George gave each of them some medicine, and this is what happened…
Then the sheep…
He gave some to his grey pony, Jack Frost…
And finally, just for fun, he gave some to Alma, the nanny-goat…
A Crane for Grandma
Grandma, from high up on the rooftop, could see everything that was going on and she didn’t like what she saw. She wanted to be the centre of attention and nobody was taking the slightest notice of her. George and Mr Kranky were running round and getting excited about the enormous animals. Mrs Kranky was washing up in the kitchen, and Grandma was all alone on the rooftop.
‘Hey you!’ she yelled. ‘George! Get me a cup of tea this minute, you idle little beast!’
‘Don’t listen to
the old goat,’ Mr Kranky said.
‘She’s stuck where she is and a good thing, too.’
‘But we can’t leave her up there, Dad,’ George said. ‘What if it rains?’
‘George!’ Grandma yelled. ‘Oh, you horrible little boy! You disgusting little worm! Fetch me a cup of tea at once and a slice of currant cake!’
‘We’ll have to get her out, Dad,’ George said.
‘She won’t give us any peace if we don’t.’
Mrs Kranky came outside and she agreed with George. ‘She’s my own mother,’ she said.
‘She’s a pain in the neck,’ Mr Kranky said.
‘I don’t care,’ Mrs Kranky said. ‘I’m not leaving my own mother sticking up through the roof for the rest of her life.’
So in the end, Mr Kranky telephoned the Crane Company and asked them to send their biggest crane out to the house at once.

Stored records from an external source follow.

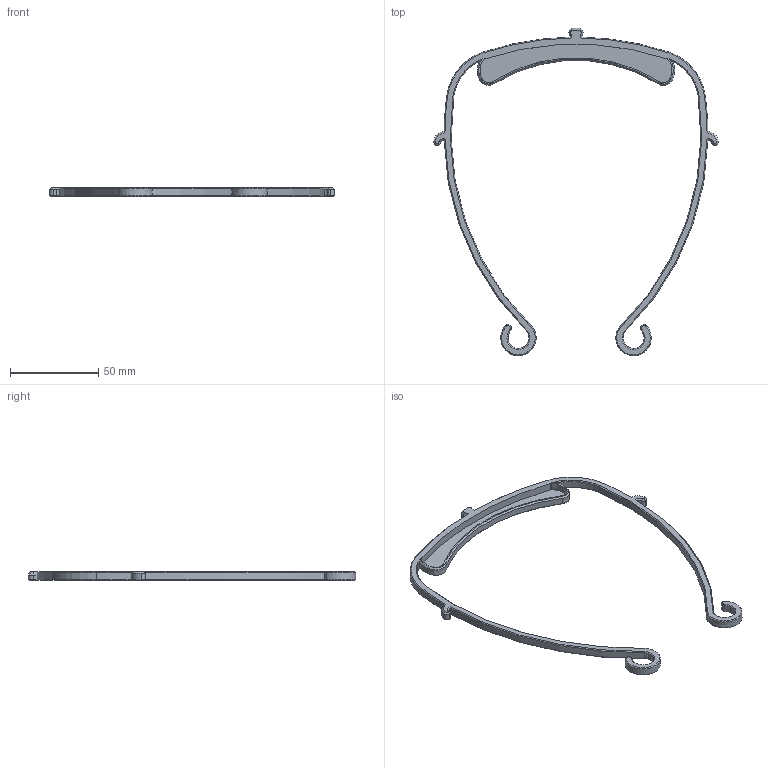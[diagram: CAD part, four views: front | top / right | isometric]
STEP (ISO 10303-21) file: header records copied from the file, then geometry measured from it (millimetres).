
FILE_DESCRIPTION((''),'2;1');
FILE_NAME('NA_LETTER3_STANDARD','2020-04-09T14:43:55',('Jason'),(''),'CREO PARAMETRIC BY PTC INC, 2019224','CREO PARAMETRIC BY PTC INC, 2019224','');
FILE_SCHEMA(('CONFIG_CONTROL_DESIGN'));
Length unit declared in the file: millimetre
Products named in the file (1): NA_LETTER3_STANDARD
Bounding box: 161.22 x 185.5 x 5 mm (x, y, z)
Volume: 12519.1 mm3; surface area: 13101.1 mm2
Topology: 1 solids, 1 shells, 117 faces, 280 edges, 166 vertices
Faces by surface type: cone 50, cylinder 29, plane 18, bspline 12, extrusion 8
Entity records: 5272 total; most frequent: CARTESIAN_POINT 2641, ORIENTED_EDGE 560, DIRECTION 509, EDGE_CURVE 280, AXIS2_PLACEMENT_3D 197, VERTEX_POINT 166, EDGE_LOOP 118, FACE_OUTER_BOUND 117

The crane arrived one hour later. It was on wheels and there were two men inside it. The crane men climbed up on to the roof and put ropes under Grandma’s arms. Then she was lifted right up through the roof…
In a way, the medicine had done Grandma good. It had not made her any less grumpy or bad-tempered, but it seemed to have cured all her aches and pains, and she was suddenly as frisky as a ferret. As soon as the crane had lowered her to the ground, she ran over to George’s huge pony, Jack Frost, and jumped on to his back. This ancient old hag, who was now as tall as a house, then galloped about the farm on the gigantic pony, jumping over trees and sheds and shouting, ‘Out of my way! Clear the decks! Stand back, all you miserable midgets or I’ll trample you to death!’ and other silly things like that.
But because Grandma was now much too tall to get back into the house, she had to sleep that night in the hay-barn with the mice and the rats.
Mr Kranky’s Great Idea
The next day, George’s father came down to breakfast in a state of greater excitement than ever. ‘I’ve been awake all night thinking about it!’ he cried.